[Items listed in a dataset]
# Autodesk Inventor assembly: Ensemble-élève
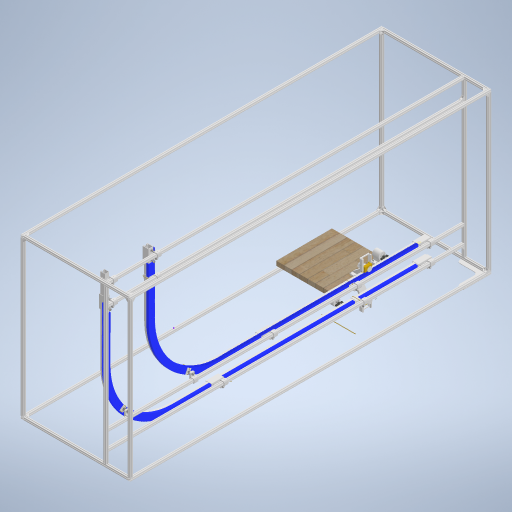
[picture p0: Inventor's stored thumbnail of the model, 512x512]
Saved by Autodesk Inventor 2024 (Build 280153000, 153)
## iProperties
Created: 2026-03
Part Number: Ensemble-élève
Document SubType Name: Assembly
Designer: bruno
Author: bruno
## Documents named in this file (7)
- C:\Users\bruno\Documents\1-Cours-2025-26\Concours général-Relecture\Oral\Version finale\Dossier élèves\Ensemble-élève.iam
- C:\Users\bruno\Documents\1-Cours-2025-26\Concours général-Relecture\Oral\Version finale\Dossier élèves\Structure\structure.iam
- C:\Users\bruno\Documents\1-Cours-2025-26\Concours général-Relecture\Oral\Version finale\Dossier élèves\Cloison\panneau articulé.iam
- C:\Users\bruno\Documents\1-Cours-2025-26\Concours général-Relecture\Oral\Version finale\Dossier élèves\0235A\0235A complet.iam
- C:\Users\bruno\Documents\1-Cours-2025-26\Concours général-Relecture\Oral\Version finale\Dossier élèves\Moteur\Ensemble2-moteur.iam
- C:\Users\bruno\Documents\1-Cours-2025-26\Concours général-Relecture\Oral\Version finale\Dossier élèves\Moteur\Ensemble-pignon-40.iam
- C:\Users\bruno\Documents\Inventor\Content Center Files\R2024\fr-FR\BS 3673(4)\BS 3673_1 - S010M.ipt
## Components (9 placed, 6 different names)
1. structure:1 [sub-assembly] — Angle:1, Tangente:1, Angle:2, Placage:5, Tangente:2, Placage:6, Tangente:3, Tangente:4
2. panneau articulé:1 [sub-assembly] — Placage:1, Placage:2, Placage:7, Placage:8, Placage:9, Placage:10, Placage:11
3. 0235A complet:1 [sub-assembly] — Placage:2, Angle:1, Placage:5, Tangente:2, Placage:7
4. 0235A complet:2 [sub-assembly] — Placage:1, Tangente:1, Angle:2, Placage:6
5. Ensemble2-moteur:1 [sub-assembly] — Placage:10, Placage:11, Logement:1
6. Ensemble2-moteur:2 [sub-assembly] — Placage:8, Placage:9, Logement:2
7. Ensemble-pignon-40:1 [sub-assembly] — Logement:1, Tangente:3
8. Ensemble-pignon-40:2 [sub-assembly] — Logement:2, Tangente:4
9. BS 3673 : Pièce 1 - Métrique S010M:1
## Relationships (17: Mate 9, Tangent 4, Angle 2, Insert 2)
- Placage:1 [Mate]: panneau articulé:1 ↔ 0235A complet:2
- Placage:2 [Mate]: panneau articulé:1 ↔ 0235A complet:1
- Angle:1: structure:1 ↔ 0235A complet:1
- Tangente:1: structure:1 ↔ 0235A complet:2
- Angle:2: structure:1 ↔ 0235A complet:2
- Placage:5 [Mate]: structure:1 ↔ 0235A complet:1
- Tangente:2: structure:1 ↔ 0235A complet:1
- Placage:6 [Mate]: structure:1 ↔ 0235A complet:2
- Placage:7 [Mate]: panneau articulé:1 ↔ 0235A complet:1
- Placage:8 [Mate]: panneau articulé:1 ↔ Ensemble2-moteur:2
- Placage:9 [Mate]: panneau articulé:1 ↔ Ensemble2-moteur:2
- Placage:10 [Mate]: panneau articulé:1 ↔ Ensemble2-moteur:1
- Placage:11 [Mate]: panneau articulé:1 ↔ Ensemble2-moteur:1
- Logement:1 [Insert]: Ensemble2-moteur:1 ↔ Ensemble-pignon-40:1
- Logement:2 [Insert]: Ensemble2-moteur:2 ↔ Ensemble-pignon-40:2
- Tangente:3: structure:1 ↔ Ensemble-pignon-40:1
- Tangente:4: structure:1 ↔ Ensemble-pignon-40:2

- EXERCISE REQUIREMENTS
Every line above from the line with "3. 0235A complet:1" to the line with "7. Ensemble-pignon-40:1 [sub-assembly]" is wanted, ends included; write them out exactly and add no other line.

- REPLY
3. 0235A complet:1 [sub-assembly] — Placage:2, Angle:1, Placage:5, Tangente:2, Placage:7
4. 0235A complet:2 [sub-assembly] — Placage:1, Tangente:1, Angle:2, Placage:6
5. Ensemble2-moteur:1 [sub-assembly] — Placage:10, Placage:11, Logement:1
6. Ensemble2-moteur:2 [sub-assembly] — Placage:8, Placage:9, Logement:2
7. Ensemble-pignon-40:1 [sub-assembly] — Logement:1, Tangente:3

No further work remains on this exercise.